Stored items
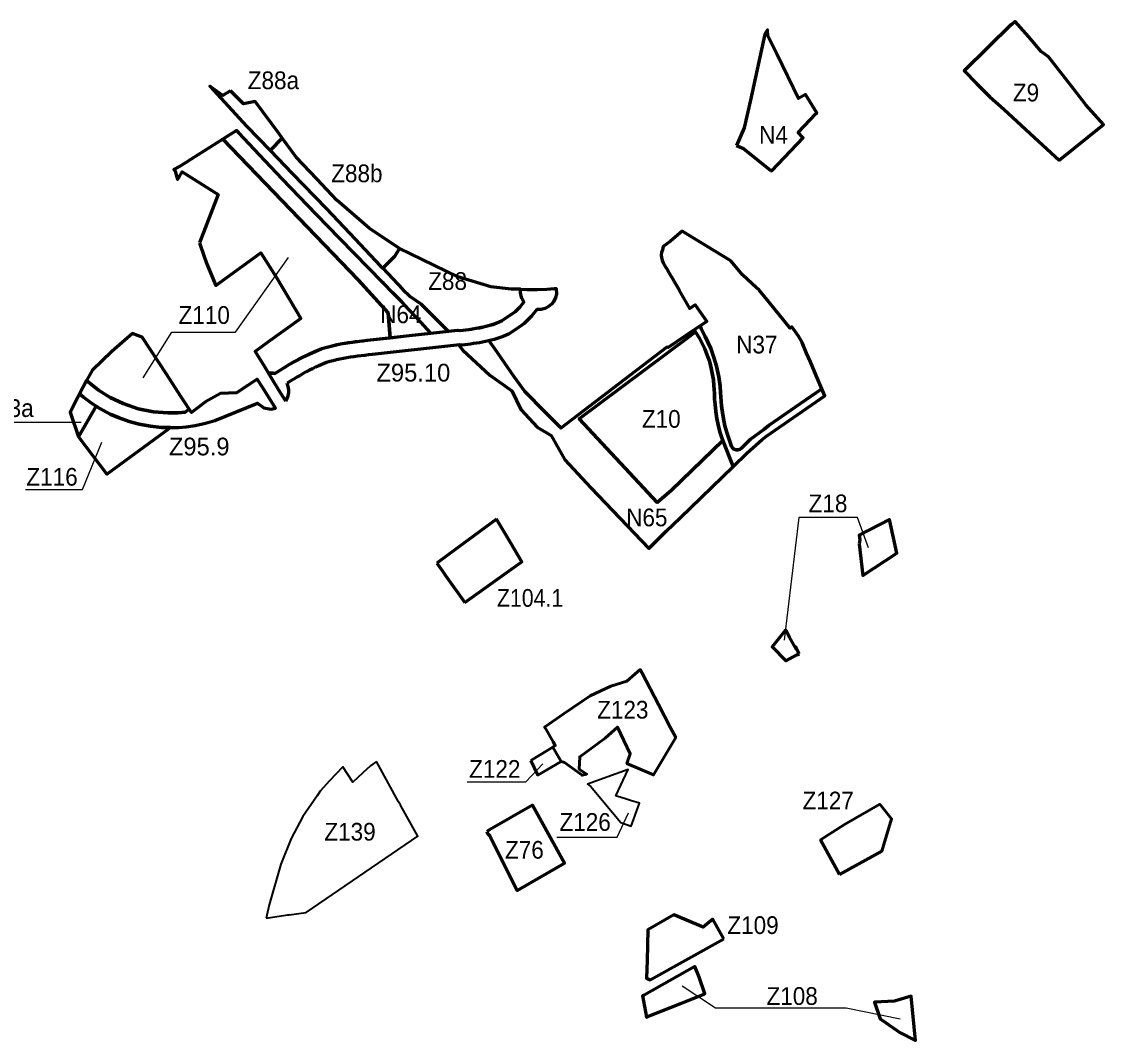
# Model space of a CAD drawing. Extents: x -650277 to -643425, y -1073980 to -1066720.
# Drawn here: x -647467 to -646003, y -1073134 to -1071755 of the extents above; entities that cross this region are included whole.
import ezdxf

# ---------------------------------------------------------------- set-up
doc = ezdxf.new("R2010")
doc.units = 0
doc.header["$LTSCALE"] = 9.6
for name, color, linetype, lineweight in [('1', 7, 'Continuous', 60), ('15', 7, 'Continuous', 60), ('18', 7, 'Continuous', 60), ('2', 7, 'Continuous', 40), ('24', 7, 'Continuous', 60), ('30', 7, 'Continuous', 60), ('34', 7, 'Continuous', 60), ('35', 7, 'Continuous', 60), ('40', 7, 'Continuous', 60), ('42', 7, 'Continuous', 60), ('45', 7, 'Continuous', 60), ('59', 7, 'Continuous', 25), ('60', 7, 'Continuous', 60), ('63', 7, 'Continuous', 25), ('7', 7, 'Continuous', 60)]:
    doc.layers.add(name, color=color, linetype=linetype, lineweight=lineweight)

msp = doc.modelspace()

# ---------------------------------------------------------------- linework, layer by layer
at = {"layer": '1'}
msp.add_line((-646417.787, -1072612.168), (-646414.77, -1072610.61), dxfattribs=at)
for points in [[(-646102.04, -1071906.4), (-646068.317, -1071937.555), (-646062.91, -1071942.55), (-646002.93, -1071893.984), (-646026.64, -1071867.44), (-646043.49, -1071845.87), (-646077.32, -1071802.59), (-646087, -1071795), (-646104.5, -1071774.86), (-646122.16, -1071754.78), (-646127.12, -1071759.15), (-646127.84, -1071758.53), (-646191.57, -1071821.44), (-646174.69, -1071838.69), (-646156.59, -1071856.53), (-646137.74, -1071873.31)], [(-646606.848, -1072405.785), (-646587.666, -1072389.082), (-646518.208, -1072321.92), (-646519.417, -1072318.408), (-646522.007, -1072309.932), (-646524.282, -1072300.849), (-646526, -1072292.201), (-646527.5, -1072282.657), (-646528.566, -1072273.308), (-646529.182, -1072265.941), (-646529.607, -1072258.124), (-646530.188, -1072247.442), (-646530.892, -1072239.747), (-646531.93, -1072232.861), (-646533.286, -1072226.031), (-646535.344, -1072217.844), (-646536.772, -1072213.218), (-646539.168, -1072206.122), (-646539.168, -1072206.122), (-646542.484, -1072197.985), (-646546.09, -1072190.428), (-646549.793, -1072183.38), (-646554.56, -1072175.629), (-646555.051, -1072174.933), (-646563.299, -1072181.091), (-646710.684, -1072291.133), (-646712.634, -1072292.59)], [(-646333.34, -1072461.67), (-646328.45, -1072504.81), (-646282.47, -1072474.34), (-646292.44, -1072428.89), (-646333.33, -1072450.12), (-646332.68, -1072456.19)]]:
    msp.add_lwpolyline(points, close=True, dxfattribs=at)
for points in [[(-647184.81, -1071848.61), (-647185.62, -1071849.12), (-647194.96, -1071854.93), (-647205.62, -1071847.24), (-647212.66, -1071842.15), (-647163.08, -1071896.13), (-647131.146, -1071929.146)], [(-647131.146, -1071929.146), (-647114.479, -1071912.479), (-647118.79, -1071906.59), (-647151.07, -1071863.08), (-647167.15, -1071866.22), (-647184.81, -1071848.61)], [(-646996.8, -1072034.35), (-647040.89, -1071996.58), (-647067.53, -1071967.54), (-647095.51, -1071938.39), (-647114.479, -1071912.479), (-647131.146, -1071929.146), (-647101.07, -1071960.24)], [(-647101.07, -1071960.24), (-647055.16, -1072007.74), (-647023.04, -1072041.63), (-646981.35, -1072085.77), (-646978.602, -1072088.66), (-646962.041, -1072072.379), (-646956.04, -1072061.95), (-646996.8, -1072034.35)], [(-646420.36, -1072601.78), (-646427.95, -1072588.07), (-646432.57, -1072579.75), (-646433.36, -1072578.45), (-646451.458, -1072601.008), (-646433.024, -1072620.04), (-646417.787, -1072612.168)], [(-646414.77, -1072610.61), (-646419.11, -1072602.03), (-646419.47, -1072601.31), (-646419.02, -1072604.18), (-646420.36, -1072601.78)]]:
    msp.add_lwpolyline(points, dxfattribs=at)
at = {"layer": '1', "lineweight": 53}
for points in [[(-646737.05, -1072756.4), (-646732.5, -1072757.63), (-646708.65, -1072775.02), (-646702.45, -1072773.39), (-646712.46, -1072766.76), (-646711.79, -1072750.02), (-646677.39, -1072724.85), (-646660.89, -1072709.97), (-646643.36, -1072746.04), (-646647.93, -1072759.01), (-646612.11, -1072774.56), (-646581.92, -1072723.91), (-646589.37, -1072709.83), (-646605.23, -1072679.37), (-646627.32, -1072636.95), (-646629.86, -1072632.07), (-646648.27, -1072647.48), (-646669.6, -1072654.53), (-646697.89, -1072667.65)], [(-646697.89, -1072667.65), (-646732.95, -1072691.68), (-646759.491, -1072709.878), (-646757.5, -1072713.3), (-646747.87, -1072729.85), (-646744.94, -1072734.88), (-646748.3, -1072737.01), (-646737.05, -1072756.4)]]:
    msp.add_lwpolyline(points, dxfattribs=at)
for points in [[(-646778.2, -1072755.19), (-646755.1, -1072741.28), (-646748.3, -1072737.01), (-646737.05, -1072756.4), (-646768.74, -1072774.78)], [(-646360.22, -1072909.57), (-646303.02, -1072877.74), (-646289.63, -1072834.04), (-646305.56, -1072814.43), (-646353.25, -1072841.63), (-646385.86, -1072862.59)]]:
    msp.add_lwpolyline(points, close=True, dxfattribs=at)
at = {"layer": '1', "lineweight": 25}
msp.add_lwpolyline([(-646864.278, -1072783.783), (-646784.878, -1072783.783), (-646761.687, -1072759.411)], dxfattribs=at)
at = {"layer": '1', "lineweight": 40}
for points in [[(-646653.02, -1072806.07), (-646663.07, -1072803.04), (-646663.07, -1072803.04), (-646646.12, -1072767.32), (-646646.31, -1072767.388), (-646701.12, -1072787.08), (-646697.09, -1072790.03), (-646656.36, -1072839.08)], [(-646656.36, -1072839.08), (-646642.404, -1072844.195), (-646631.08, -1072812.68), (-646643.01, -1072809.08), (-646651.11, -1072806.64), (-646653.02, -1072806.07)]]:
    msp.add_lwpolyline(points, dxfattribs=at)
at = {"layer": '15'}
msp.add_lwpolyline([(-646529.182, -1072265.941), (-646528.566, -1072273.308), (-646527.5, -1072282.657), (-646526, -1072292.201), (-646524.282, -1072300.849), (-646522.007, -1072309.932), (-646519.417, -1072318.408), (-646518.208, -1072321.92), (-646504.244, -1072357.026), (-646485.656, -1072338.908), (-646473.069, -1072327.765), (-646465.227, -1072321.127), (-646459.03, -1072316.137), (-646380.12, -1072261.44), (-646384.056, -1072252.138), (-646420.085, -1072276.737), (-646455.557, -1072301.131), (-646462.79, -1072306.784), (-646480.923, -1072320.667), (-646486.273, -1072325.526), (-646492.813, -1072332.07), (-646494.794, -1072333.558), (-646497.569, -1072334.55), (-646500.244, -1072334.45), (-646503.018, -1072333.459), (-646504.802, -1072331.971), (-646506.189, -1072329.889), (-646509.954, -1072319.377), (-646512.729, -1072311.048), (-646515.305, -1072301.925), (-646516.692, -1072294.983), (-646518.079, -1072287.051), (-646519.756, -1072274.861), (-646521.051, -1072256.707), (-646521.646, -1072248.378), (-646523.628, -1072235.883), (-646526.798, -1072221.011), (-646530.167, -1072209.31), (-646534.527, -1072197.411), (-646541.822, -1072181.102), (-646547.606, -1072170.835), (-646548.676, -1072166.737), (-646556.693, -1072172.16), (-646555.051, -1072174.933), (-646554.56, -1072175.629), (-646549.793, -1072183.38), (-646546.09, -1072190.428), (-646542.484, -1072197.985), (-646539.168, -1072206.122), (-646536.772, -1072213.218), (-646535.344, -1072217.844), (-646533.286, -1072226.031), (-646531.93, -1072232.861), (-646530.892, -1072239.747), (-646530.188, -1072247.442), (-646529.607, -1072258.124)], close=True, dxfattribs=at)
at = {"layer": '18'}
msp.add_lwpolyline([(-646837.81, -1072851.3), (-646836.5, -1072853.76), (-646833.67, -1072857.15), (-646824.89, -1072874.66), (-646796.68, -1072930.92), (-646732.28, -1072894.29), (-646775.85, -1072815.39), (-646834.08, -1072849.15)], close=True, dxfattribs=at)
at = {"layer": '2'}
for points in [[(-646987.154, -1072756.377), (-646995.02, -1072762.45), (-647005.249, -1072771.938), (-647019.06, -1072784.57), (-647032.7, -1072763.68), (-647050.492, -1072782.771)], [(-646954.7, -1072815.232), (-646957.105, -1072810.92), (-646987.154, -1072756.377)], [(-647050.492, -1072782.771), (-647063.04, -1072796.74), (-647067.22, -1072802.77), (-647086.65, -1072830.76), (-647102.38, -1072860.7), (-647116.33, -1072895.3)], [(-647136.39, -1072968.63), (-647110.32, -1072964.56), (-647107.01, -1072964.04), (-647105.4, -1072963.84), (-647082.36, -1072960.95), (-646931.1, -1072857.55), (-646954.51, -1072815.63), (-646954.7, -1072815.232)], [(-647116.33, -1072895.3), (-647132.47, -1072950.4), (-647136.39, -1072968.63)]]:
    msp.add_lwpolyline(points, dxfattribs=at)
at = {"layer": '24'}
for points in [[(-647226.41, -1072054.11), (-647219.64, -1072074.29), (-647216.23, -1072084.14), (-647204.78, -1072110.92), (-647204.38, -1072111.87), (-647143.76, -1072067.69), (-647122.33, -1072101.34), (-647089.54, -1072156.53), (-647134.17, -1072188.95), (-647151.05, -1072201.21), (-647138.65, -1072221.5), (-647133, -1072230.754), (-647124.81, -1072231.168), (-647104.989, -1072219.005), (-647082.249, -1072206.591), (-647060.973, -1072197.439), (-647035.515, -1072191.104), (-647010.148, -1072187.308), (-646995.137, -1072185.597), (-646968.503, -1072182.672), (-646971.283, -1072148.82), (-647011.762, -1072104.502), (-647194.903, -1071913.941), (-647238.1, -1071941), (-647245.71, -1071945.77), (-647253.67, -1071950.76), (-647261.12, -1071954.82), (-647259.7, -1071957.06), (-647256.53, -1071968.64), (-647253.85, -1071964.38), (-647249.92, -1071958.12), (-647201.53, -1071988.71)], [(-647390.58, -1072316.75), (-647366.505, -1072275.41), (-647372.858, -1072271.363), (-647383.813, -1072263.219), (-647389.072, -1072258.845), (-647391.3, -1072263.04), (-647401.88, -1072283.4)], [(-647390.58, -1072316.75), (-647351.86, -1072367.52), (-647269.52, -1072307.17), (-647265.793, -1072304.439), (-647271.395, -1072304.452), (-647278.108, -1072304.147), (-647292.715, -1072302.646), (-647308.157, -1072299.786), (-647321.953, -1072296.073), (-647335.382, -1072291.341), (-647347.369, -1072286.111), (-647361.521, -1072278.584), (-647366.505, -1072275.41)]]:
    msp.add_lwpolyline(points, close=True, dxfattribs=at)
msp.add_arc((-646767.624, -1072120.384), 24.428, 264.28146, 264.89913, dxfattribs=at)
at = {"layer": '30'}
for points in [[(-646824.42, -1072428.58), (-646878.91, -1072468.54), (-646905.18, -1072487.8)], [(-646867.283, -1072540.984), (-646791.569, -1072487.198), (-646790.354, -1072486.136), (-646810.77, -1072451.09), (-646824.42, -1072428.58)], [(-646905.18, -1072487.8), (-646898.1, -1072498.02), (-646893.64, -1072504.45), (-646867.283, -1072540.984)]]:
    msp.add_lwpolyline(points, dxfattribs=at)
at = {"layer": '34'}
for points in [[(-646574.156, -1073083.691), (-646542.62, -1073071.1), (-646550.01, -1073048.55), (-646552.79, -1073041.53), (-646555.79, -1073033.92), (-646624.69, -1073072.66), (-646626.967, -1073073.918), (-646621.38, -1073102.66), (-646620.19, -1073102.14), (-646618.56, -1073101.42)], [(-646298.029, -1073109.723), (-646278.38, -1073123.25), (-646257.09, -1073134.01), (-646262.94, -1073074.15), (-646285.77, -1073081.01), (-646312.87, -1073082.4), (-646305.18, -1073104.8)]]:
    msp.add_lwpolyline(points, close=True, dxfattribs=at)
at = {"layer": '35'}
for points in [[(-647246.563, -1072270.214), (-647251.85, -1072262.12), (-647271.38, -1072232.23), (-647304.32, -1072181.81), (-647310.33, -1072179.58), (-647317.33, -1072176.99), (-647345.42, -1072201.58), (-647372.1, -1072226.89), (-647375.551, -1072233.387), (-647379.422, -1072240.675), (-647363.317, -1072253.632), (-647347.382, -1072263.623), (-647330.032, -1072271.935), (-647309.416, -1072278.875), (-647288.769, -1072283.003), (-647269.579, -1072284.489), (-647255.671, -1072284.192), (-647246.206, -1072283.328), (-647240.55, -1072279.42)], [(-646516.7, -1072996.65), (-646531.46, -1072970.12), (-646544.68, -1072980.62), (-646584.23, -1072964.22), (-646619.48, -1072984.34), (-646620.71, -1073025.49), (-646621.44, -1073049.79), (-646616.55, -1073052.21)]]:
    msp.add_lwpolyline(points, close=True, dxfattribs=at)
at = {"layer": '40'}
msp.add_lwpolyline([(-646507.28, -1072078.4), (-646530.073, -1072064.559), (-646573.05, -1072038.46), (-646588.75, -1072052.06), (-646598.827, -1072059.244), (-646599.86, -1072063.71), (-646601, -1072067.55), (-646601.42, -1072071.01), (-646601.16, -1072074.07), (-646600.8, -1072075.94), (-646600.22, -1072077.86), (-646598.67, -1072081.55), (-646595.86, -1072086.82), (-646593.13, -1072091.01), (-646591.02, -1072094.4), (-646585.08, -1072104.81), (-646583.9, -1072106.42), (-646577.41, -1072117.76), (-646577.08, -1072118.7), (-646563.11, -1072143.03), (-646555.49, -1072138.17), (-646539.94, -1072160.83), (-646548.676, -1072166.737), (-646547.606, -1072170.835), (-646541.822, -1072181.102), (-646534.527, -1072197.411), (-646530.167, -1072209.31), (-646526.798, -1072221.011), (-646523.628, -1072235.883), (-646521.646, -1072248.378), (-646521.051, -1072256.707), (-646519.756, -1072274.861), (-646518.079, -1072287.051), (-646516.692, -1072294.983), (-646515.305, -1072301.925), (-646512.729, -1072311.048), (-646509.954, -1072319.377), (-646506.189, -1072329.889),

WORK INSTRUCTIONS: Extract all lines from the data in which "lineweight" is found.

ANSWER TO THE PROBLEM:
for name, color, linetype, lineweight in [('1', 7, 'Continuous', 60), ('15', 7, 'Continuous', 60), ('18', 7, 'Continuous', 60), ('2', 7, 'Continuous', 40), ('24', 7, 'Continuous', 60), ('30', 7, 'Continuous', 60), ('34', 7, 'Continuous', 60), ('35', 7, 'Continuous', 60), ('40', 7, 'Continuous', 60), ('42', 7, 'Continuous', 60), ('45', 7, 'Continuous', 60), ('59', 7, 'Continuous', 25), ('60', 7, 'Continuous', 60), ('63', 7, 'Continuous', 25), ('7', 7, 'Continuous', 60)]:
    doc.layers.add(name, color=color, linetype=linetype, lineweight=lineweight)
at = {"layer": '1', "lineweight": 53}
at = {"layer": '1', "lineweight": 25}
at = {"layer": '1', "lineweight": 40}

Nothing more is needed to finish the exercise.